Extracted data entries
○ ○ ○ ○
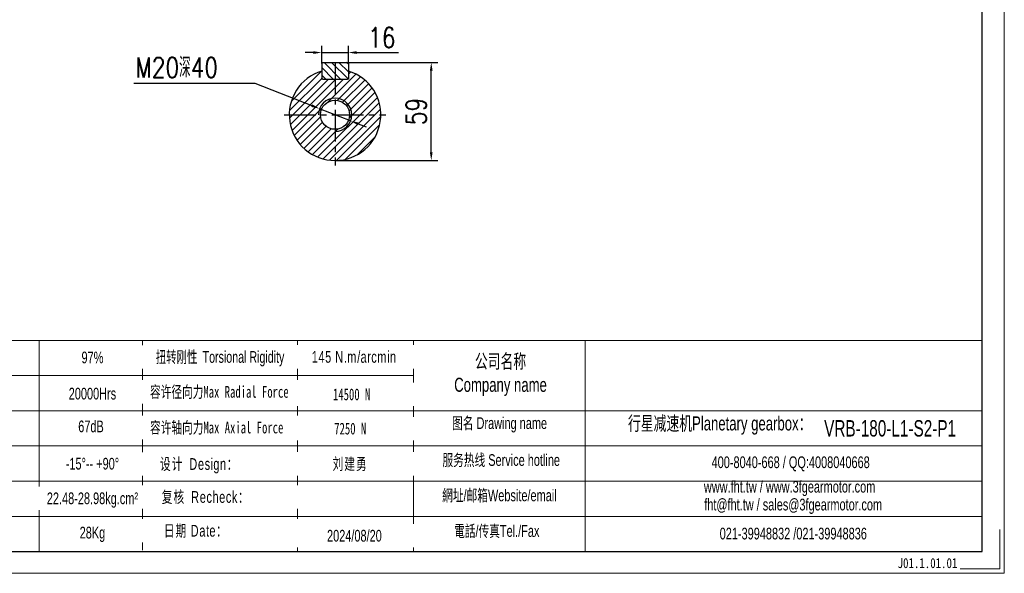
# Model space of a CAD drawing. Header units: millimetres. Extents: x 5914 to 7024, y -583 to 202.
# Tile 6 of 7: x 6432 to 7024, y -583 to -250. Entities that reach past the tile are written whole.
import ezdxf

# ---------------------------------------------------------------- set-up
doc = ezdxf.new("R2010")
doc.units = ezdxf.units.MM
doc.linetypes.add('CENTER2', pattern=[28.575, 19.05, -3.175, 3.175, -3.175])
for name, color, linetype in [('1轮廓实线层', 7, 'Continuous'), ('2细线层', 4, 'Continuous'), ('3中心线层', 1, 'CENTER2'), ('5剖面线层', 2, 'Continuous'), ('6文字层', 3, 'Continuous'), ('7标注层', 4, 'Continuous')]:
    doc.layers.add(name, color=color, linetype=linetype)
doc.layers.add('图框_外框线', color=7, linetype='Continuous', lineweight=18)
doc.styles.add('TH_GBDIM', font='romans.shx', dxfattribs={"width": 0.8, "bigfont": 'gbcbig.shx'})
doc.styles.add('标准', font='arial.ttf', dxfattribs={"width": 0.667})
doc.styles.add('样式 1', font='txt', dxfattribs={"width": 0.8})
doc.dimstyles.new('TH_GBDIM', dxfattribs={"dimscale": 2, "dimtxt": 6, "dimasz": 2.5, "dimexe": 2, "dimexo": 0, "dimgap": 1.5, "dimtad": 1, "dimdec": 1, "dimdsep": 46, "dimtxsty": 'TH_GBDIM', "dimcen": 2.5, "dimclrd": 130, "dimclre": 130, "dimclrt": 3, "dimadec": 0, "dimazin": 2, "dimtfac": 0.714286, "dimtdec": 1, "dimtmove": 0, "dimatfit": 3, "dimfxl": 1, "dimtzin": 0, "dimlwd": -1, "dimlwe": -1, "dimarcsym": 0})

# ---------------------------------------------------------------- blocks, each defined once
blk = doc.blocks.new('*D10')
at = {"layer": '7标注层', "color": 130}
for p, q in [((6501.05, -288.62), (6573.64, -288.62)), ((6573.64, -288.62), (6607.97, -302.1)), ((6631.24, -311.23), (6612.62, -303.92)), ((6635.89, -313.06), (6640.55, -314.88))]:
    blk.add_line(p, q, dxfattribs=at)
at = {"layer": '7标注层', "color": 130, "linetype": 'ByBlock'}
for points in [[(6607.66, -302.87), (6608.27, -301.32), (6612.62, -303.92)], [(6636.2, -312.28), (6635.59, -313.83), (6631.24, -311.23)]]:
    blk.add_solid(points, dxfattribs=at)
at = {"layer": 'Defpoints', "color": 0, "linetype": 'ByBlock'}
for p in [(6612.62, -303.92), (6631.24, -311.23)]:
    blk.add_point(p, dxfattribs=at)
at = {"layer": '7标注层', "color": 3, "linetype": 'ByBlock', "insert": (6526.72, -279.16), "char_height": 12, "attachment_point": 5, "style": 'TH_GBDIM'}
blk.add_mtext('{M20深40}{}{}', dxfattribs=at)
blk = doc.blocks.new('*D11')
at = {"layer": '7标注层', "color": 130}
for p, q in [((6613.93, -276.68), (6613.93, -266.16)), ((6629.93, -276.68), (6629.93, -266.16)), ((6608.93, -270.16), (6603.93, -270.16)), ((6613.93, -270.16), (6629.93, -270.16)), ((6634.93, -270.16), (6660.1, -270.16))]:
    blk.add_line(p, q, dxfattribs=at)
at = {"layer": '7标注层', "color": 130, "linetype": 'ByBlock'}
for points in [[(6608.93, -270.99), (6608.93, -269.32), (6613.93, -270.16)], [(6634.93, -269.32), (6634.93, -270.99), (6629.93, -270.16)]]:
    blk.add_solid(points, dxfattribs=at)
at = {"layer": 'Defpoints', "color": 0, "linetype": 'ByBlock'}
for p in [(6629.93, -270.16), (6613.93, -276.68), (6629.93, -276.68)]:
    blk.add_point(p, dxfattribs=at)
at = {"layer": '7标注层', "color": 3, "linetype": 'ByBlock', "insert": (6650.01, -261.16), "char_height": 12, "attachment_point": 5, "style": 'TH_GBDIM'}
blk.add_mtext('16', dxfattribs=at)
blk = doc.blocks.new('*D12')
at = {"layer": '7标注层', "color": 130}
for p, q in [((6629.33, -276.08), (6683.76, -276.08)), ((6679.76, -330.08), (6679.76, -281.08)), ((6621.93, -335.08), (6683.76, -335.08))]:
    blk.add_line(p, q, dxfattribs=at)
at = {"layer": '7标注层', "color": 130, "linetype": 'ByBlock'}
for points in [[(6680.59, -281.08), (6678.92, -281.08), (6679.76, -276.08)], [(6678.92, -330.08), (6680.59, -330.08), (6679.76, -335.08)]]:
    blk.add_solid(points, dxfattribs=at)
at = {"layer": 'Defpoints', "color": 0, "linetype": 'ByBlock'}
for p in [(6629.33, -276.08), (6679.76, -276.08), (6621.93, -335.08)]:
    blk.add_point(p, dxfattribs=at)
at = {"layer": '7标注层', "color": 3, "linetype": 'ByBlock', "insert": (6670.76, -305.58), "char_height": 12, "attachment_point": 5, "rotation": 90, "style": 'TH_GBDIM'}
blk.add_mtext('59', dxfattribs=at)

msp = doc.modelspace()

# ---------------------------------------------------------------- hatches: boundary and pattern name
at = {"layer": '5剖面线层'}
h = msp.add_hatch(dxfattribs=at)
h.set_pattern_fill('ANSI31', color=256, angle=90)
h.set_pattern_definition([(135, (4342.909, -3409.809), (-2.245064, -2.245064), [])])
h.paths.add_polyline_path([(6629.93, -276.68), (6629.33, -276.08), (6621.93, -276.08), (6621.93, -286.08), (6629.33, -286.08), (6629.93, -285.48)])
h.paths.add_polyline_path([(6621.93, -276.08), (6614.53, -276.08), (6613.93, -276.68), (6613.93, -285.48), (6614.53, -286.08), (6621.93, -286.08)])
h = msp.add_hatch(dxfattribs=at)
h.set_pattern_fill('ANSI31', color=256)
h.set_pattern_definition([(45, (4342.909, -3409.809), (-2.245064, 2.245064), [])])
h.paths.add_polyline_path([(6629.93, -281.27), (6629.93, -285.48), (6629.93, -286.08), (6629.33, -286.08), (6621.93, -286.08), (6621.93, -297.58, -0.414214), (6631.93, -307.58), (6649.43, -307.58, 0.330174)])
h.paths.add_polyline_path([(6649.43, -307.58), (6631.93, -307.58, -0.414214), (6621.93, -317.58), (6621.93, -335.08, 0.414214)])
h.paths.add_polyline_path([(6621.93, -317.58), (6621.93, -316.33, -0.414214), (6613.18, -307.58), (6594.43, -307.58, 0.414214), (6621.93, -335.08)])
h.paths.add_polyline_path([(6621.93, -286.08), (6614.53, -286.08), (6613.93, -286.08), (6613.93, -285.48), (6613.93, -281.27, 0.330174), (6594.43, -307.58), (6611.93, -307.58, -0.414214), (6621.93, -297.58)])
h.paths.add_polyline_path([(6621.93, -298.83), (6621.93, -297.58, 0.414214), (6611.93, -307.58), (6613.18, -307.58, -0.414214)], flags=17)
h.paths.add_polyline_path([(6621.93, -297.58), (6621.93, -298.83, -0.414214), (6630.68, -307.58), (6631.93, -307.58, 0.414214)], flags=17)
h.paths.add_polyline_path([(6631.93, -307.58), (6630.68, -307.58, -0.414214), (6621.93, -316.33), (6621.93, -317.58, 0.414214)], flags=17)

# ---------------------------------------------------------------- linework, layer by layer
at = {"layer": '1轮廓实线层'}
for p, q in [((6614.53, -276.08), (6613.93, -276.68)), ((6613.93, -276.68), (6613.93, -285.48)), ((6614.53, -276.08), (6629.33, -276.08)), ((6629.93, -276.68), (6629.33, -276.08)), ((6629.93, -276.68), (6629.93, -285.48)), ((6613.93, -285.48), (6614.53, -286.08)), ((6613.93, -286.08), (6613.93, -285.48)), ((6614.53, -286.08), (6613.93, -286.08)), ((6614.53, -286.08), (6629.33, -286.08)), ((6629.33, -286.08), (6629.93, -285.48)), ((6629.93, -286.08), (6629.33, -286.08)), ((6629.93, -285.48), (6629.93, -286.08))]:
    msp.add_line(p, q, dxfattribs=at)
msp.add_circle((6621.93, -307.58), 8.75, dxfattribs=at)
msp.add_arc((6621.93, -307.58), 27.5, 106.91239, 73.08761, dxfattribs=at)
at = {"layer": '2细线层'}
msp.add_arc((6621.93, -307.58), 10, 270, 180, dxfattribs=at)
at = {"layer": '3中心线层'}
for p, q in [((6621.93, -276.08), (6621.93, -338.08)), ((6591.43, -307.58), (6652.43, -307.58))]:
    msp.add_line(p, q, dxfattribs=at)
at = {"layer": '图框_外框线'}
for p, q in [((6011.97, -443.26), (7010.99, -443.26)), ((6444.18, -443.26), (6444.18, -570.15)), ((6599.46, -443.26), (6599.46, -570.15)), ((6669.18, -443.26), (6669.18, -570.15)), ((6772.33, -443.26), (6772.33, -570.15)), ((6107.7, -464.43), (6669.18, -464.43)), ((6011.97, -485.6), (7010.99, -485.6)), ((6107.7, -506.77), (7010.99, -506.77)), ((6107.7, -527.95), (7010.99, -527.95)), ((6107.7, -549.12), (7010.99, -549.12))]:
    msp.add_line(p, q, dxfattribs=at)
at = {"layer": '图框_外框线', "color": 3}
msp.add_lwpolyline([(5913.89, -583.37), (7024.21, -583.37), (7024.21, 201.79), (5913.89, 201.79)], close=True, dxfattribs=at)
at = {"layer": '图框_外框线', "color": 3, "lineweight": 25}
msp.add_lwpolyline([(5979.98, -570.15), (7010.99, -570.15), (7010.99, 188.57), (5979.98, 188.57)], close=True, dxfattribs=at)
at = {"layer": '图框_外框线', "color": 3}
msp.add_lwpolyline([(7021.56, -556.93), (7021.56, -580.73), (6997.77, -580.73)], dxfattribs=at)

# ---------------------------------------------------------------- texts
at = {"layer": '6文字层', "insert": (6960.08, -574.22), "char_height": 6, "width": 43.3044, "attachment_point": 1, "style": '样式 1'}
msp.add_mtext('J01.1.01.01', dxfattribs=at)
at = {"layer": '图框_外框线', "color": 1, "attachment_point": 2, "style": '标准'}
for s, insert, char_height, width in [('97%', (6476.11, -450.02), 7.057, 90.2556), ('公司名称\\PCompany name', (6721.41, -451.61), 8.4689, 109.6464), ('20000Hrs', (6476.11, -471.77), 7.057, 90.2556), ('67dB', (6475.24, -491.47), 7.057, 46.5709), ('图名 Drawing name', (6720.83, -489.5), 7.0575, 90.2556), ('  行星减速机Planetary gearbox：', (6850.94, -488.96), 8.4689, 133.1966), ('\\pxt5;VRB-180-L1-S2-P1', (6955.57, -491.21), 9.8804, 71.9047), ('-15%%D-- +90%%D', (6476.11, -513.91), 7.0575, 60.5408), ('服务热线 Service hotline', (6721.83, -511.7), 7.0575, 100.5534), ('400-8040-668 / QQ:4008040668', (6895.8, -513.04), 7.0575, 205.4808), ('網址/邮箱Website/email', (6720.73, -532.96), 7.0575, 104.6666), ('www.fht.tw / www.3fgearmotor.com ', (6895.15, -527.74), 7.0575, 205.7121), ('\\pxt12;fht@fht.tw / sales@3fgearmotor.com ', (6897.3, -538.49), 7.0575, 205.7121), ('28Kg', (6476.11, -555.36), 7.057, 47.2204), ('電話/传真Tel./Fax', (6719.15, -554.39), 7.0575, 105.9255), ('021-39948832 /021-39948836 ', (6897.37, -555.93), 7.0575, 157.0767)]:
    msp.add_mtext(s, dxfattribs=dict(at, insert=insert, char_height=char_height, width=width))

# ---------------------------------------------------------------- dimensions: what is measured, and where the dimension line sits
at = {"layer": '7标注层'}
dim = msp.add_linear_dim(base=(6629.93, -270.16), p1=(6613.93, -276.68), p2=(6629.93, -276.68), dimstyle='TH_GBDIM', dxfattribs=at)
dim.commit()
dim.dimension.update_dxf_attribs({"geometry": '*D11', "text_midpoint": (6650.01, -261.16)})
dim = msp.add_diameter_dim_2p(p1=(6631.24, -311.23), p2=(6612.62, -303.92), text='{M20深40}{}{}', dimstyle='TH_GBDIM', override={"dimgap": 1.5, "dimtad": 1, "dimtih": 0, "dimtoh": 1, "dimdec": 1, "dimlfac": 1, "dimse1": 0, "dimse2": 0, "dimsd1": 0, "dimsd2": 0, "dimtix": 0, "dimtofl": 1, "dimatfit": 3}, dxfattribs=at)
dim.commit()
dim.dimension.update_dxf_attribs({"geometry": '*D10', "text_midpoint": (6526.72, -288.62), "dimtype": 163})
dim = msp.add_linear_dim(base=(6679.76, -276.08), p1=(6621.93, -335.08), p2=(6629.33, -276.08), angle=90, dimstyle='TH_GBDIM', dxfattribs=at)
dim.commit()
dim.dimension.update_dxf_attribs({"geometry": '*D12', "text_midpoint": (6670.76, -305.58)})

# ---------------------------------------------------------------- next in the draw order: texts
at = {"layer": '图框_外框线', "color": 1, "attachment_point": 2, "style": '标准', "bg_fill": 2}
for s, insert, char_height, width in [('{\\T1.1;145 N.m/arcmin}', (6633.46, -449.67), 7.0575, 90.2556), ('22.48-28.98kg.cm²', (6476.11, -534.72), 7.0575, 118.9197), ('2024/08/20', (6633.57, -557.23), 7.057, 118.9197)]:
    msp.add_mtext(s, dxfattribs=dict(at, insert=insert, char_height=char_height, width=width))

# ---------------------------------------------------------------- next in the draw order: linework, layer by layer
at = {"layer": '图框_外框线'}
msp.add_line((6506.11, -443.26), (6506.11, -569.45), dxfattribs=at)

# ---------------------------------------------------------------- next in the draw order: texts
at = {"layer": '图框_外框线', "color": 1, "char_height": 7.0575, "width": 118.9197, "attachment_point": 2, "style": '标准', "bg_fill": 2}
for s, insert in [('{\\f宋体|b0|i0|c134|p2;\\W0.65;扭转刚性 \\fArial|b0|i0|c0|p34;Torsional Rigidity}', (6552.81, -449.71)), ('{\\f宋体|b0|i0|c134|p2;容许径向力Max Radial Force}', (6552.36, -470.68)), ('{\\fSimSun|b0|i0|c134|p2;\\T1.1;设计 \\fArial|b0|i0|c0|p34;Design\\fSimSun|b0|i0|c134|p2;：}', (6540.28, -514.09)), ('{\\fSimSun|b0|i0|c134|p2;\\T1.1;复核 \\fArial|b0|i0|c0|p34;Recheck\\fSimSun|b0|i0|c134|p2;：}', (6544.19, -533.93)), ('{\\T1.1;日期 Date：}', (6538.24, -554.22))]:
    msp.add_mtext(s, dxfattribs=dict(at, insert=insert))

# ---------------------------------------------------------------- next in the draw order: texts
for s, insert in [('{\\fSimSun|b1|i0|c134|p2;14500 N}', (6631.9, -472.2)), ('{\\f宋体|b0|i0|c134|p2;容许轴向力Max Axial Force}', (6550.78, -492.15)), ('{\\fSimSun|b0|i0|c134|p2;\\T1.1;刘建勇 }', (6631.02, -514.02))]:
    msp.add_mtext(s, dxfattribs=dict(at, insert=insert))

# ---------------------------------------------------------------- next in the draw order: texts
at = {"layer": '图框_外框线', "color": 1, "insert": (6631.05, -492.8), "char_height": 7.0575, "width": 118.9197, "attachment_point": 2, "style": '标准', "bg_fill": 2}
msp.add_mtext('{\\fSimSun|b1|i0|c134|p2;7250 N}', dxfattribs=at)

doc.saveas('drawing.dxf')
○ ○ ○ ○
What you should return is the exact text of every line from the top of the entries through the line with "import ezdxf", pictures removed.

*Answer box*:
# Model space of a CAD drawing. Header units: millimetres. Extents: x 5914 to 7024, y -583 to 202.
# Tile 6 of 7: x 6432 to 7024, y -583 to -250. Entities that reach past the tile are written whole.
import ezdxf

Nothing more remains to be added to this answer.